Exact copy, no pictures: output each line below as it stands.

● **EXCERPTED DATA**
*** Block opens ***

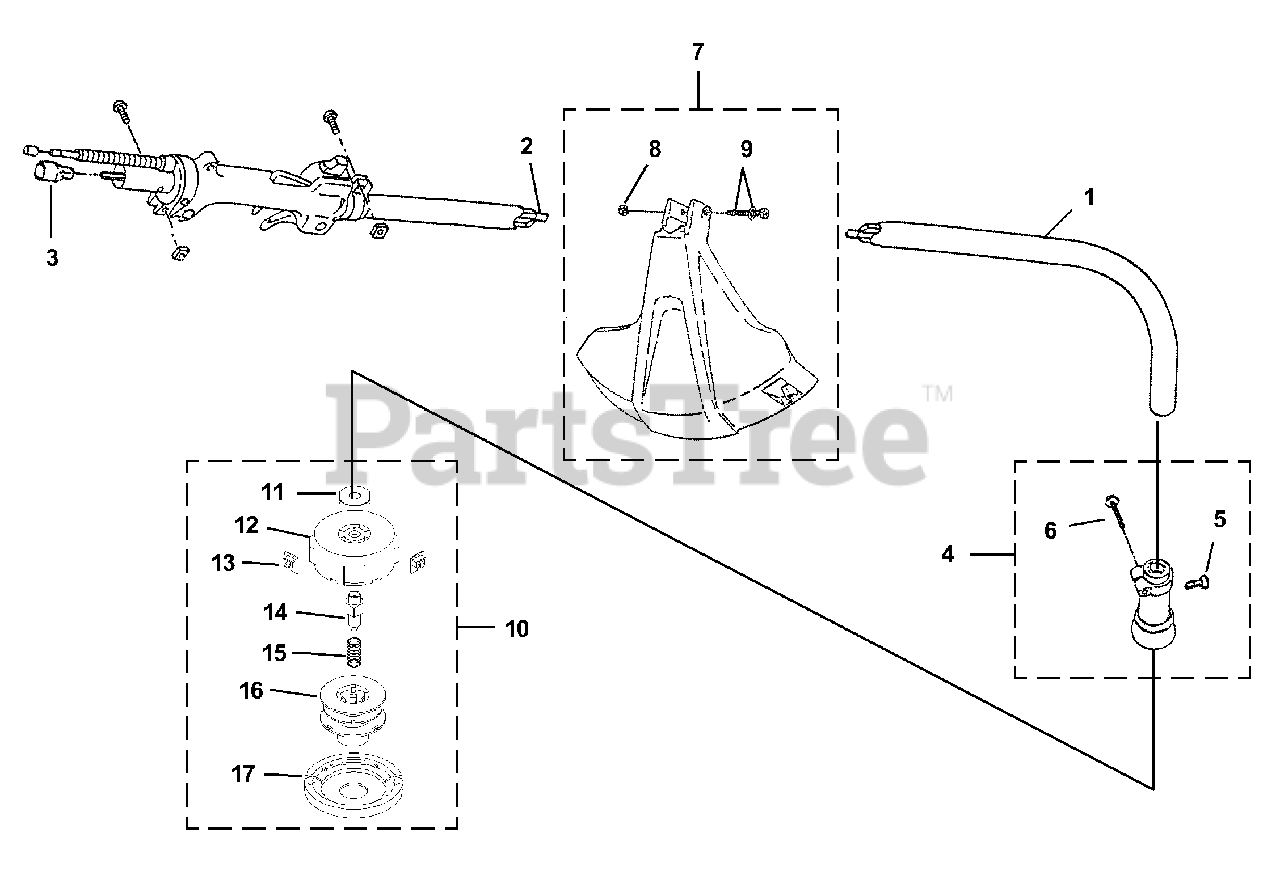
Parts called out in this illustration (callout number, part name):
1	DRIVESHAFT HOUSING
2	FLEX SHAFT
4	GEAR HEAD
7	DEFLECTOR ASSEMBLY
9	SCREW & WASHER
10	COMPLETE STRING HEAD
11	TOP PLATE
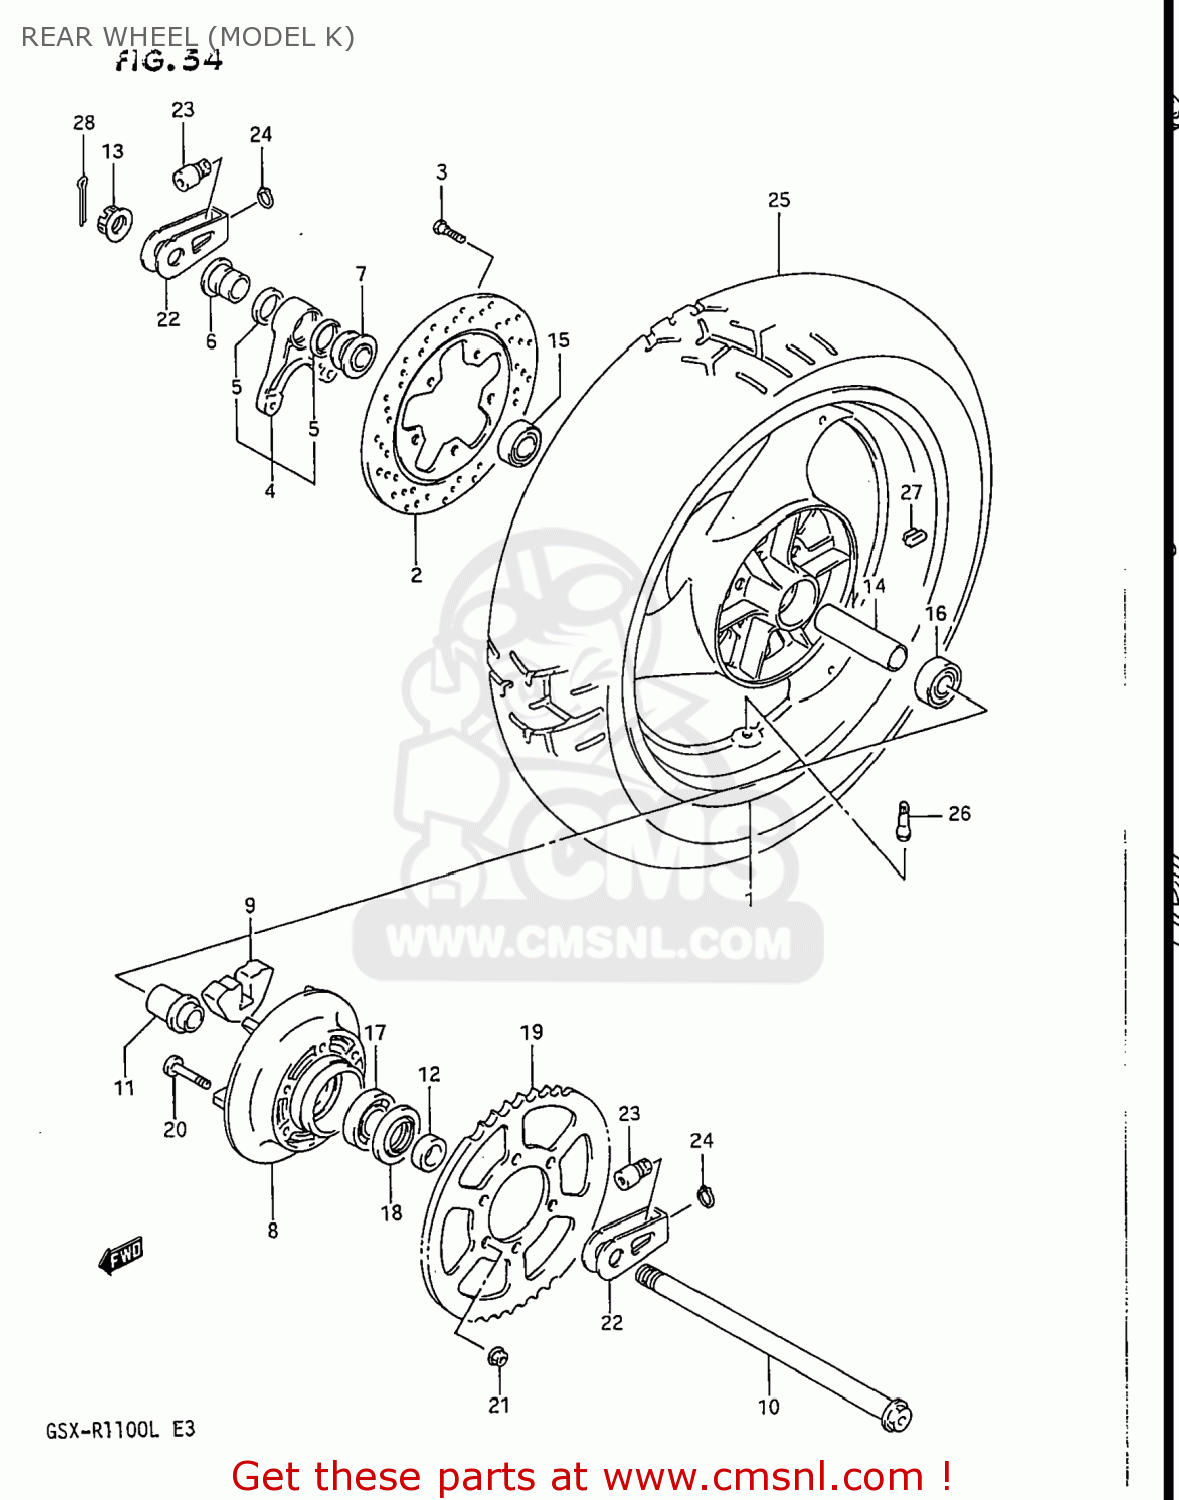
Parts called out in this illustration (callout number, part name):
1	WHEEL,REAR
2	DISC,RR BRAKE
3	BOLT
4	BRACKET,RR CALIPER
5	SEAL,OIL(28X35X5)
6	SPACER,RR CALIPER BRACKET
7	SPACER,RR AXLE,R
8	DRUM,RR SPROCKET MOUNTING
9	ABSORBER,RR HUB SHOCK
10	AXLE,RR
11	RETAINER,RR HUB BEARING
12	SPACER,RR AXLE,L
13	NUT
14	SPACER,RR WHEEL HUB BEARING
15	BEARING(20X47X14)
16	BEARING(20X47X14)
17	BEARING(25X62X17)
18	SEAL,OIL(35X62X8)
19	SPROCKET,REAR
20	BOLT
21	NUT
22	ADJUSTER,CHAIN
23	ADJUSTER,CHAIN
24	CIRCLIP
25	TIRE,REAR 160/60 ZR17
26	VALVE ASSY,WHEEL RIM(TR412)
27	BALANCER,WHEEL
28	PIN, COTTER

*** Block closes ***

● **FINISHED EXERCISE**
Parts called out in this illustration (callout number, part name):
1	DRIVESHAFT HOUSING
2	FLEX SHAFT
4	GEAR HEAD
7	DEFLECTOR ASSEMBLY
9	SCREW & WASHER
10	COMPLETE STRING HEAD
11	TOP PLATE
Parts called out in this illustration (callout number, part name):
1	WHEEL,REAR
2	DISC,RR BRAKE
3	BOLT
4	BRACKET,RR CALIPER
5	SEAL,OIL(28X35X5)
6	SPACER,RR CALIPER BRACKET
7	SPACER,RR AXLE,R
8	DRUM,RR SPROCKET MOUNTING
9	ABSORBER,RR HUB SHOCK
10	AXLE,RR
11	RETAINER,RR HUB BEARING
12	SPACER,RR AXLE,L
13	NUT
14	SPACER,RR WHEEL HUB BEARING
15	BEARING(20X47X14)
16	BEARING(20X47X14)
17	BEARING(25X62X17)
18	SEAL,OIL(35X62X8)
19	SPROCKET,REAR
20	BOLT
21	NUT
22	ADJUSTER,CHAIN
23	ADJUSTER,CHAIN
24	CIRCLIP
25	TIRE,REAR 160/60 ZR17
26	VALVE ASSY,WHEEL RIM(TR412)
27	BALANCER,WHEEL
28	PIN, COTTER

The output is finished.